# quick shutdown tip



## TypeSK (Mar 16, 2002)

here is a quick tip (if you know about im, sorry)

this works for all versions of windows

instead of shutting down the comp via start>shutdown>shutdown .... you can add a desktop or start menu shortcut to have a one click shutdown shortcut....just use this as the shortcut:

Win95, Win98, WinME:
C:\WINDOWS\RUNDLL.EXE user.exe,exitwindows

Win2000, winNT, WinXP:
SHUTDOWN -s -t 01

.:edit:. 
added shortcut for WinXP, Win2k, and WinNT


----------



## CellarDweller (Feb 28, 2002)

Hey, great tip!

Just so I'm clear, though, what I do is go to my desktop, right click and choose New Shortcut, then enter the above path into the Command Line field, choose a name for the shortcut, and click Finish. The new shortcut icon on my desktop will shut down my comp. Right?


----------



## TypeSK (Mar 16, 2002)

yes, it will shut down the computer .... :-D


----------



## joe2cool (Feb 7, 2002)

Hi !! tried your tip, my O/S IS WIN ME. After creating shortcut on desktop then clicking on it for cloing down all i got was 'error in user.exe missing entry'.  

Can anyone help  

Your help is appreciated


----------



## TypeSK (Mar 16, 2002)

hmmm, space between rundll.exe and user.exe right? i dont know....maybe some people on here can help ....


----------



## dina16 (Apr 14, 2002)

I'm running Win98 and this tip worked like a charm for me.

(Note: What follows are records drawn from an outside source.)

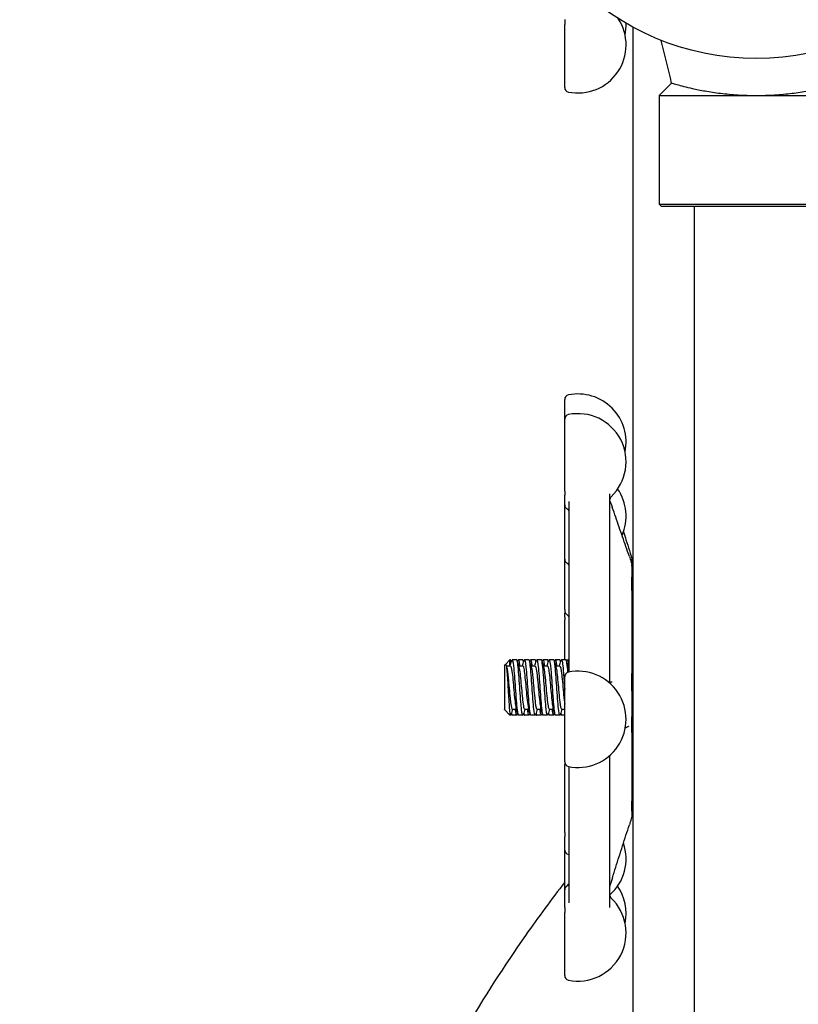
# Model space of a CAD drawing. Header units: inches. Extents: x 24 to 1128, y -58 to 748.
# Tile 345 of 656: x 480.63 to 485.9, y 678.98 to 685.63. Entities that reach past the tile are written whole.
import ezdxf

# ---------------------------------------------------------------- set-up
doc = ezdxf.new("R2010")
doc.units = ezdxf.units.IN
doc.header["$LTSCALE"] = 32
doc.header["$MEASUREMENT"] = 0
doc.layers.add('Dimension (ANSI)', color=7, linetype='Continuous', lineweight=25)
doc.layers.add('Visible (ANSI)', color=7, linetype='Continuous', lineweight=30)
doc.styles.add('Note Text (ANSI)', font='tahoma.ttf')
doc.dimstyles.new('SB Fraction-16 (ANSI)', dxfattribs={"dimscale": 32, "dimtxt": 0.125, "dimasz": 0.098425, "dimexe": 0.125, "dimexo": 0.0625, "dimgap": 0.031496, "dimtad": 0, "dimtih": 1, "dimtoh": 1, "dimdec": 4, "dimrnd": 1e-08, "dimzin": 0, "dimdsep": 46, "dimlunit": 5, "dimtxsty": 'Note Text (ANSI)', "dimcen": 0.09, "dimdle": 0.393701, "dimclrd": 256, "dimclre": 256, "dimclrt": 256, "dimadec": 0, "dimazin": 3, "dimtfac": 0.96, "dimtofl": 0, "dimtmove": 0, "dimatfit": 3, "dimfxl": 1, "dimfrac": 2, "dimtolj": 1, "dimtzin": 12, "dimlwd": -1, "dimlwe": -1, "dimarcsym": 0})

# ---------------------------------------------------------------- blocks, each defined once
blk = doc.blocks.new('*D19')
at = {"layer": 'Defpoints', "color": 0, "transparency": 16777216}
for p in [(494.2806, 695.4398), (330.5011, 563.4398), (494.2806, 563.4398)]:
    blk.add_point(p, dxfattribs=at)
at = {"layer": 'Dimension (ANSI)', "transparency": 16777216}
for p, q in [((492.2806, 695.4398), (326.5011, 695.4398)), ((330.5011, 692.2902), (330.5011, 632.5309)), ((330.5011, 566.5894), (330.5011, 626.3486)), ((492.2806, 563.4398), (326.5011, 563.4398))]:
    blk.add_line(p, q, dxfattribs=at)
for points in [[(329.9762, 692.2902), (331.026, 692.2902), (330.5011, 695.4398)], [(329.9762, 566.5894), (331.026, 566.5894), (330.5011, 563.4398)]]:
    blk.add_solid(points, dxfattribs=at)
at = {"layer": 'Dimension (ANSI)', "transparency": 16777216, "insert": (326.4205, 631.5231), "char_height": 4, "attachment_point": 1, "style": 'Note Text (ANSI)'}
blk.add_mtext('\\A1;132', dxfattribs=at)

msp = doc.modelspace()

# ---------------------------------------------------------------- linework, layer by layer
at = {"layer": 'Visible (ANSI)'}
for p, q in [((484.31659, 685.63337), (484.31659, 685.59948)), ((484.31659, 685.17298), (484.31659, 685.59948)), ((484.77909, 676.6034), (484.77909, 685.57974)), ((485.03929, 685.203), (484.95534, 685.11904)), ((484.95534, 685.11904), (486.26784, 685.11904)), ((484.95534, 685.11904), (484.95534, 684.38467)), ((484.95534, 684.38467), (486.26784, 684.38467)), ((484.97097, 684.36904), (484.95534, 684.38467)), ((486.25222, 684.36904), (484.97097, 684.36904)), ((485.19159, 684.36904), (485.19159, 609.00428)), ((484.31659, 682.93229), (484.31659, 683.06511)), ((484.31659, 682.44656), (484.31659, 682.93229)), ((484.31659, 682.44656), (484.31659, 682.41843)), ((484.31659, 682.3539), (484.31659, 682.41843)), ((484.62034, 682.4285), (484.62034, 681.14895)), ((484.31659, 681.98615), (484.31659, 682.3539)), ((484.34784, 681.23113), (484.34784, 682.37632)), ((484.31659, 681.64605), (484.31659, 681.98615)), ((484.77034, 681.96276), (484.77034, 681.98623)), ((484.77034, 681.96279), (484.77034, 681.94565)), ((484.77034, 681.94402), (484.77034, 681.94565)), ((484.77034, 681.93915), (484.77034, 681.94394)), ((484.77034, 681.93915), (484.77034, 681.86414)), ((484.77034, 681.77416), (484.77034, 681.86414)), ((484.77034, 681.77416), (484.77034, 681.21354)), ((484.77868, 681.67904), (484.77909, 681.67904)), ((484.31659, 681.64605), (484.31659, 681.6388)), ((484.31659, 681.63842), (484.31659, 681.6388)), ((484.31659, 681.59385), (484.31659, 681.62176)), ((484.31659, 681.59385), (484.31659, 681.57744)), ((484.31659, 681.30654), (484.31659, 681.57744)), ((483.90909, 681.266), (483.91728, 681.27486)), ((483.90909, 681.266), (483.90909, 680.97212)), ((483.91728, 681.27486), (483.94656, 681.30654)), ((483.92209, 681.26487), (483.95076, 681.26487)), ((483.94656, 681.26487), (483.94656, 681.30654)), ((483.95076, 681.30654), (483.94656, 681.30654)), ((483.99242, 681.30654), (483.96153, 681.30654)), ((484.03409, 681.30654), (484.0032, 681.30654)), ((484.00543, 681.26487), (484.03409, 681.26487)), ((484.07576, 681.30654), (484.04487, 681.30654)), ((484.11742, 681.30654), (484.08653, 681.30654)), ((484.08876, 681.26487), (484.11743, 681.26487)), ((484.15909, 681.30654), (484.1282, 681.30654)), ((484.20076, 681.30654), (484.16987, 681.30654)), ((484.17209, 681.26487), (484.20076, 681.26487)), ((484.24242, 681.30654), (484.21153, 681.30654)), ((484.28409, 681.30654), (484.2532, 681.30654)), ((484.25543, 681.26487), (484.28409, 681.26487)), ((484.32576, 681.30654), (484.29487, 681.30654)), ((484.34784, 681.30654), (484.33653, 681.30654)), ((484.33876, 681.26487), (484.34784, 681.26487)), ((484.31659, 680.61632), (484.31659, 681.19195)), ((484.77034, 681.09578), (484.77034, 681.21354)), ((484.77034, 681.09578), (484.77034, 680.92179)), ((483.90909, 680.97212), (483.90909, 680.97208)), ((483.90909, 680.97208), (483.9095, 680.97165)), ((483.9095, 680.97165), (483.94656, 680.93154)), ((483.94656, 680.93154), (483.94656, 680.94088)), ((483.95076, 680.93154), (483.94656, 680.93154)), ((483.96153, 680.97321), (483.9902, 680.97321)), ((483.99242, 680.93154), (483.96153, 680.93154)), ((484.03409, 680.93154), (484.0032, 680.93154)), ((484.04487, 680.97321), (484.07353, 680.97321)), ((484.07576, 680.93154), (484.04487, 680.93154)), ((484.11742, 680.93154), (484.08653, 680.93154)), ((484.1282, 680.97321), (484.15687, 680.97321)), ((484.15909, 680.93154), (484.1282, 680.93154)), ((484.20076, 680.93154), (484.16987, 680.93154)), ((484.21153, 680.97321), (484.2402, 680.97321)), ((484.24242, 680.93154), (484.21153, 680.93154)), ((484.28409, 680.93154), (484.2532, 680.93154)), ((484.29487, 680.97321), (484.31659, 680.97321)), ((484.31659, 680.93154), (484.29487, 680.93154)), ((484.77034, 680.81579), (484.77034, 680.92179)), ((484.77034, 680.81579), (484.77034, 680.35084)), ((484.31659, 680.1401), (484.31659, 680.59966)), ((484.62034, 680.65932), (484.62034, 679.63382)), ((484.34784, 679.66552), (484.34784, 680.58449)), ((484.77868, 680.55904), (484.77909, 680.55904)), ((484.77034, 680.28456), (484.77034, 680.35084)), ((484.77034, 680.28456), (484.77034, 680.25204)), ((484.77034, 680.25185), (484.77034, 680.25204)), ((484.31659, 680.1401), (484.31659, 680.1121)), ((484.31659, 680.02128), (484.31659, 680.1121)), ((484.31659, 679.75136), (484.31659, 680.02128)), ((484.31659, 679.63337), (484.31659, 679.75136)), ((484.31659, 679.63337), (484.31659, 679.59948)), ((484.31659, 679.17298), (484.31659, 679.59948))]:
    msp.add_line(p, q, dxfattribs=at)
msp.add_circle((485.61159, 687.11904), 1.75, dxfattribs=at)
for centre, radius, start, end in [((484.40659, 685.46079), 0.325, 258.463041, 33.12259), ((484.40659, 685.59361), 0.325, 348.209299, 2.28142), ((484.34784, 685.17298), 0.03125, 180, 258.463041), ((484.34784, 683.06511), 0.03125, 101.536959, 180), ((484.40659, 682.77729), 0.325, 348.209299, 101.536959), ((484.34784, 682.93229), 0.03125, 101.536959, 180), ((484.40659, 682.64447), 0.325, 313.449842, 101.536959), ((484.40659, 682.27671), 0.325, 336.380744, 34.45644), ((484.65159, 682.38584), 0.03125, 133.449842, 180), ((484.34784, 682.3539), 0.03125, 180, 240), ((484.31659, 682.29978), 0.03125, 0, 60), ((484.34784, 681.98615), 0.03125, 180, 240), ((484.31659, 681.93202), 0.03125, 0, 60), ((484.73909, 681.96279), 0.03125, 0, 48.711706), ((484.80159, 681.70029), 0.03125, 180, 223.94552), ((484.34784, 681.63842), 0.03125, 180, 240), ((484.34784, 681.62176), 0.03125, 164.540143, 180), ((484.31659, 681.5843), 0.03125, 0, 60), ((484.34784, 681.19195), 0.03125, 101.536959, 180), ((484.40659, 680.90413), 0.325, 258.463041, 101.536959), ((484.34784, 680.61632), 0.03125, 180, 258.463041), ((484.34784, 680.59966), 0.03125, 164.540143, 180), ((484.80159, 680.53779), 0.03125, 136.05448, 180), ((484.40659, 679.96137), 0.325, 311.152791, 19.038163), ((484.34784, 680.02128), 0.03125, 180, 258.463041), ((484.40659, 680.30909), 0.325, 258.463041, 259.585431), ((484.34784, 679.75136), 0.03125, 120, 180), ((484.31659, 679.80549), 0.03125, 300, 329.413755), ((484.40659, 679.59361), 0.325, 348.209299, 34.45644), ((484.40659, 679.46079), 0.325, 258.463041, 46.550158), ((484.65159, 679.71942), 0.03125, 180, 226.550158), ((484.34784, 679.17298), 0.03125, 180, 258.463041)]:
    msp.add_arc(centre, radius, start, end, dxfattribs=at)
for points in [[(485.03929, 685.203), (485.01593, 685.29914), (484.99225, 685.3952), (484.96889, 685.49133)], [(485.03929, 685.203), (485.03929, 685.203), (485.04485, 685.20128), (485.05629, 685.198)], [(483.92051, 681.27069), (483.92179, 681.266), (483.92307, 681.26131), (483.92435, 681.25662)], [(483.94853, 681.26487), (483.95171, 681.27654), (483.95486, 681.28822), (483.95799, 681.2999)], [(483.95596, 681.29201), (483.95422, 681.30135), (483.95249, 681.30641), (483.95076, 681.30651)], [(483.9543, 681.2999), (483.95491, 681.2976), (483.95553, 681.29531), (483.95615, 681.29302)], [(483.99597, 681.2999), (483.99984, 681.28546), (484.00373, 681.27103), (484.00769, 681.25662)], [(483.99781, 681.29302), (483.99843, 681.29531), (483.99905, 681.2976), (483.99966, 681.2999)], [(484.03187, 681.26487), (484.03505, 681.27654), (484.03819, 681.28822), (484.04133, 681.2999)], [(484.03763, 681.2999), (484.03825, 681.2976), (484.03886, 681.29531), (484.03948, 681.29302)], [(484.0793, 681.2999), (484.08317, 681.28546), (484.08707, 681.27103), (484.09102, 681.25662)], [(484.08115, 681.29302), (484.08176, 681.29531), (484.08238, 681.2976), (484.08299, 681.2999)], [(484.1152, 681.26487), (484.11838, 681.27654), (484.12153, 681.28822), (484.12466, 681.2999)], [(484.12097, 681.2999), (484.12158, 681.2976), (484.1222, 681.29531), (484.12281, 681.29302)], [(484.16263, 681.2999), (484.1665, 681.28546), (484.1704, 681.27103), (484.17435, 681.25662)], [(484.16448, 681.29302), (484.1651, 681.29531), (484.16571, 681.2976), (484.16633, 681.2999)], [(484.19853, 681.26487), (484.20171, 681.27654), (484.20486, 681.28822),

Thanks for adding to my computer know-how, not to
mention ease of operation.

Dina


----------



## buck52 (Mar 9, 2001)

joe2cool

Just for the heck of it try this line
it's the one I use

C:\WINDOWS\RUNDLL32.EXE User,ExitWindows
buck


----------



## Tx Kid (Apr 18, 2002)

Type SK,

Waiting on you to post instructions for this tip for XP .Thanx.


----------



## TypeSK (Mar 16, 2002)

TX kid

sorry, i havent found one yet....i found this tip through The Screensavers on TechTV .... they posted it for win95-win2k ... im searching around for winXP now....ill post as soon as i find it .... 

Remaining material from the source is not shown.